Requirement:
Every line below that contains the word "solids" must be copied.

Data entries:
▬▬▬

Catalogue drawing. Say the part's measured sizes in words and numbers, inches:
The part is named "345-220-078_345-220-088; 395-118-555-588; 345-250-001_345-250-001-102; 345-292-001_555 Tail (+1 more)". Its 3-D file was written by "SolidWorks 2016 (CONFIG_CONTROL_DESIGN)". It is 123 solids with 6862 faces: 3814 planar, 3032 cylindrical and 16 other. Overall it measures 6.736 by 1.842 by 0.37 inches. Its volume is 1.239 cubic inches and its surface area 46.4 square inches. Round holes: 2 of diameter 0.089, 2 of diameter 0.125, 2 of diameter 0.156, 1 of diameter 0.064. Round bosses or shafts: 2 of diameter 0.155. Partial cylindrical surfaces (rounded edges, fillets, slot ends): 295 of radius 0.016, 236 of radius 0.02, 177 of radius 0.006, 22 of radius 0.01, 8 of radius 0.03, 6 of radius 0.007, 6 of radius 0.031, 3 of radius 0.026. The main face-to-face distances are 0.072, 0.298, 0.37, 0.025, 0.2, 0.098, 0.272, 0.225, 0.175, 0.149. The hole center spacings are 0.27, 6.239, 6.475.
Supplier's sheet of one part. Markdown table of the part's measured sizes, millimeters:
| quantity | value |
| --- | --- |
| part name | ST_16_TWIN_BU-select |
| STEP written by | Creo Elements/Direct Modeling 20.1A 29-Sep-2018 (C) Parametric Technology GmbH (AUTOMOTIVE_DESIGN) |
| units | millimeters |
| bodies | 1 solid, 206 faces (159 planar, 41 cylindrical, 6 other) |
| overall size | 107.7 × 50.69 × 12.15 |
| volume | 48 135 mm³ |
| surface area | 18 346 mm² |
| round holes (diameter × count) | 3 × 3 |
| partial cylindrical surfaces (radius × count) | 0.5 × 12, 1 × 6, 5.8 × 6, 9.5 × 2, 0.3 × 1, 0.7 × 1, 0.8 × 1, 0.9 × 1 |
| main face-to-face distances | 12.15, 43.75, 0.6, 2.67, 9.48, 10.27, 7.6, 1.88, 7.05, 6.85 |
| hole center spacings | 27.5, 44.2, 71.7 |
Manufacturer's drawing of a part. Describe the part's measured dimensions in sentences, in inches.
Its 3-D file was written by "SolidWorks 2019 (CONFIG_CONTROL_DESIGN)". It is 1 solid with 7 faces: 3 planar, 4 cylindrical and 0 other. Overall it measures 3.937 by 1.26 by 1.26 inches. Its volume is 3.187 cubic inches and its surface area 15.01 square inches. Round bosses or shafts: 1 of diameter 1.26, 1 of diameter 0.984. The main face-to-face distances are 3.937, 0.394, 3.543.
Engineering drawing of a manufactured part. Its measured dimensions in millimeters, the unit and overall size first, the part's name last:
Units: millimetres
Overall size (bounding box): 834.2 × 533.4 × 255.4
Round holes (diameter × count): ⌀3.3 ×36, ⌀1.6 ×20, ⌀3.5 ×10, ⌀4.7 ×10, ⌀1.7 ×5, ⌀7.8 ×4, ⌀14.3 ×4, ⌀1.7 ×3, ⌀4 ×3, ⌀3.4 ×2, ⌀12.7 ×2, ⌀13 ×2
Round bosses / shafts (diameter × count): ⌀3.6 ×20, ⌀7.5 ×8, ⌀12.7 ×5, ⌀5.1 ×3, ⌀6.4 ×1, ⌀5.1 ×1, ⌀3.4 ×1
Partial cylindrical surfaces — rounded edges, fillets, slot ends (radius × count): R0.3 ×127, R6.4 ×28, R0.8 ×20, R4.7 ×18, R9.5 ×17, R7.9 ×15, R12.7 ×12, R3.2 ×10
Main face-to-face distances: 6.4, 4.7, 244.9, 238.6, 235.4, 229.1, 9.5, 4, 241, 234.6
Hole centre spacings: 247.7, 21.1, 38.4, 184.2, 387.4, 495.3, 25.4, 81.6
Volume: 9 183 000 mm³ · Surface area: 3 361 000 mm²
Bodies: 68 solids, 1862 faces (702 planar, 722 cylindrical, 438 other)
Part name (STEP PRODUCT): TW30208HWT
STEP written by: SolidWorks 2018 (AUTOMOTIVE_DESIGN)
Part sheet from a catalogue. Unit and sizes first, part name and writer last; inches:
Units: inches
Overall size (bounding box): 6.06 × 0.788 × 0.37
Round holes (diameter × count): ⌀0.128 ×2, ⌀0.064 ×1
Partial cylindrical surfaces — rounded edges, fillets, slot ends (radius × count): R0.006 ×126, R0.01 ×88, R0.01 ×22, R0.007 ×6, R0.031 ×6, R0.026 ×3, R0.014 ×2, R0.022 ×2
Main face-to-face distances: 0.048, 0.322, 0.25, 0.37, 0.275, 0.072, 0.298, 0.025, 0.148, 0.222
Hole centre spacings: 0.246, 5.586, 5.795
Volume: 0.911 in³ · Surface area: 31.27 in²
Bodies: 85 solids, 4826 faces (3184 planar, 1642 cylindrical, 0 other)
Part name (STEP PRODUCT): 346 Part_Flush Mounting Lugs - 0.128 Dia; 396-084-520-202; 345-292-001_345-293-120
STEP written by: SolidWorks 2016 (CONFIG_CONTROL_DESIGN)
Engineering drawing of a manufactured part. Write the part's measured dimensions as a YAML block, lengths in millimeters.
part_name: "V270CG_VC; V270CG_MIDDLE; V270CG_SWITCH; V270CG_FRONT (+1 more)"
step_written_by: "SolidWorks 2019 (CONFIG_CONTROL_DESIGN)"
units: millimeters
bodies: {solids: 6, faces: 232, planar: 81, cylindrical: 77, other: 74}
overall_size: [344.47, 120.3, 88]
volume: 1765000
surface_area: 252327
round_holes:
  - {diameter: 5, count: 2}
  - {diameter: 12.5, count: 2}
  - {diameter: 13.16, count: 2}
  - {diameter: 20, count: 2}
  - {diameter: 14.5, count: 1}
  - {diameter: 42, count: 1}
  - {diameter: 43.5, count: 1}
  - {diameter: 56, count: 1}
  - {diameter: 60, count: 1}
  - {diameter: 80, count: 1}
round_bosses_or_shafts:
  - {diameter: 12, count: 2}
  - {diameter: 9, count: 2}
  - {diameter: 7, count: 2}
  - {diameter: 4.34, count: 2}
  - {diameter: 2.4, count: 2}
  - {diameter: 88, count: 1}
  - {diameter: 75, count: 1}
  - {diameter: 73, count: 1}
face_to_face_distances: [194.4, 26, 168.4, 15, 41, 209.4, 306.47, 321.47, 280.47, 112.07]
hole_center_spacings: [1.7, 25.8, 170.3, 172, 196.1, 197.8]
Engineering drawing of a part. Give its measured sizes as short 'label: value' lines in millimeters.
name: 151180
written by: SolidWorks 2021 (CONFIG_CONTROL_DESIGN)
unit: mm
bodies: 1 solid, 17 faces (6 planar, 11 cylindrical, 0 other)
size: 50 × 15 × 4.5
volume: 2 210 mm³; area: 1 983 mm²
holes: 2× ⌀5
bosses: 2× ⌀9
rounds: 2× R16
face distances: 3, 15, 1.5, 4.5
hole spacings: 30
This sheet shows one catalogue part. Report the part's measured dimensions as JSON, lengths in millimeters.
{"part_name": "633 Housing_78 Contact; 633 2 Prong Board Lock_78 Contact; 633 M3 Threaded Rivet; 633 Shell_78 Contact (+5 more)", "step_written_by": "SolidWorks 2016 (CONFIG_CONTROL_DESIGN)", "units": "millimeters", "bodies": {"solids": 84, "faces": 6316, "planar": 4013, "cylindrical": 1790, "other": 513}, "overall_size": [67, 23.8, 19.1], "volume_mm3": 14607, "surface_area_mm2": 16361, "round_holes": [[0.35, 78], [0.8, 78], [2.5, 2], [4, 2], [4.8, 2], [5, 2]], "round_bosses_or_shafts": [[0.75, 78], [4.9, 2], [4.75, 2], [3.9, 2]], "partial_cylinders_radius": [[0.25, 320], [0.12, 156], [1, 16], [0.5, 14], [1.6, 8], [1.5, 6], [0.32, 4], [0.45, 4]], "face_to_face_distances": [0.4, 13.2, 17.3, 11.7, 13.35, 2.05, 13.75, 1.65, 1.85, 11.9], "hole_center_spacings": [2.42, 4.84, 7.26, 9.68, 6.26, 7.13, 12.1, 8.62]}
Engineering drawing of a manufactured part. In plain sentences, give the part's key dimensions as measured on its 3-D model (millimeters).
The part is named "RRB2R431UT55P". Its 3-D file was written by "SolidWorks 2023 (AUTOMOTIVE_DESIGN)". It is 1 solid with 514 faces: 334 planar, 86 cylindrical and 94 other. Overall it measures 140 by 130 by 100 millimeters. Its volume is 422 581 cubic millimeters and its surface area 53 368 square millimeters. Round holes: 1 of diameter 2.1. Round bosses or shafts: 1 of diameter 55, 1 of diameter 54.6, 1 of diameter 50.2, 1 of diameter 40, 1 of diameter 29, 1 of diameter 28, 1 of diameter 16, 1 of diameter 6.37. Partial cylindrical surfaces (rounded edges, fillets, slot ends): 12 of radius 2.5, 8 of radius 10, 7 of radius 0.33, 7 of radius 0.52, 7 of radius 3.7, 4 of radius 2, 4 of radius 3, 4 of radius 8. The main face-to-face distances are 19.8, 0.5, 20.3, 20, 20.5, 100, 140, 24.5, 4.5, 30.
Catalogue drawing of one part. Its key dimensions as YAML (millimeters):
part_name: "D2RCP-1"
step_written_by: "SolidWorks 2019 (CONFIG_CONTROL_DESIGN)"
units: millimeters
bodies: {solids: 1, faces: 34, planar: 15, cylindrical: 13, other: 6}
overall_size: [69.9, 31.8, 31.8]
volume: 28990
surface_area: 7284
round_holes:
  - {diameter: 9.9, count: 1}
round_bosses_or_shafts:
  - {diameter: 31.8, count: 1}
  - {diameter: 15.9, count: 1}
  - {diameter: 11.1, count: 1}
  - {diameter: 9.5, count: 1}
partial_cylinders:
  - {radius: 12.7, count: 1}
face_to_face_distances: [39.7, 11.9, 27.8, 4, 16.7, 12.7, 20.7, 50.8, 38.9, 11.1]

▬▬▬

Exercise output:
The part is named "345-220-078_345-220-088; 395-118-555-588; 345-250-001_345-250-001-102; 345-292-001_555 Tail (+1 more)". Its 3-D file was written by "SolidWorks 2016 (CONFIG_CONTROL_DESIGN)". It is 123 solids with 6862 faces: 3814 planar, 3032 cylindrical and 16 other. Overall it measures 6.736 by 1.842 by 0.37 inches. Its volume is 1.239 cubic inches and its surface area 46.4 square inches. Round holes: 2 of diameter 0.089, 2 of diameter 0.125, 2 of diameter 0.156, 1 of diameter 0.064. Round bosses or shafts: 2 of diameter 0.155. Partial cylindrical surfaces (rounded edges, fillets, slot ends): 295 of radius 0.016, 236 of radius 0.02, 177 of radius 0.006, 22 of radius 0.01, 8 of radius 0.03, 6 of radius 0.007, 6 of radius 0.031, 3 of radius 0.026. The main face-to-face distances are 0.072, 0.298, 0.37, 0.025, 0.2, 0.098, 0.272, 0.225, 0.175, 0.149. The hole center spacings are 0.27, 6.239, 6.475.
Bodies: 68 solids, 1862 faces (702 planar, 722 cylindrical, 438 other)
Bodies: 85 solids, 4826 faces (3184 planar, 1642 cylindrical, 0 other)
bodies: {solids: 6, faces: 232, planar: 81, cylindrical: 77, other: 74}
{"part_name": "633 Housing_78 Contact; 633 2 Prong Board Lock_78 Contact; 633 M3 Threaded Rivet; 633 Shell_78 Contact (+5 more)", "step_written_by": "SolidWorks 2016 (CONFIG_CONTROL_DESIGN)", "units": "millimeters", "bodies": {"solids": 84, "faces": 6316, "planar": 4013, "cylindrical": 1790, "other": 513}, "overall_size": [67, 23.8, 19.1], "volume_mm3": 14607, "surface_area_mm2": 16361, "round_holes": [[0.35, 78], [0.8, 78], [2.5, 2], [4, 2], [4.8, 2], [5, 2]], "round_bosses_or_shafts": [[0.75, 78], [4.9, 2], [4.75, 2], [3.9, 2]], "partial_cylinders_radius": [[0.25, 320], [0.12, 156], [1, 16], [0.5, 14], [1.6, 8], [1.5, 6], [0.32, 4], [0.45, 4]], "face_to_face_distances": [0.4, 13.2, 17.3, 11.7, 13.35, 2.05, 13.75, 1.65, 1.85, 11.9], "hole_center_spacings": [2.42, 4.84, 7.26, 9.68, 6.26, 7.13, 12.1, 8.62]}
bodies: {solids: 1, faces: 34, planar: 15, cylindrical: 13, other: 6}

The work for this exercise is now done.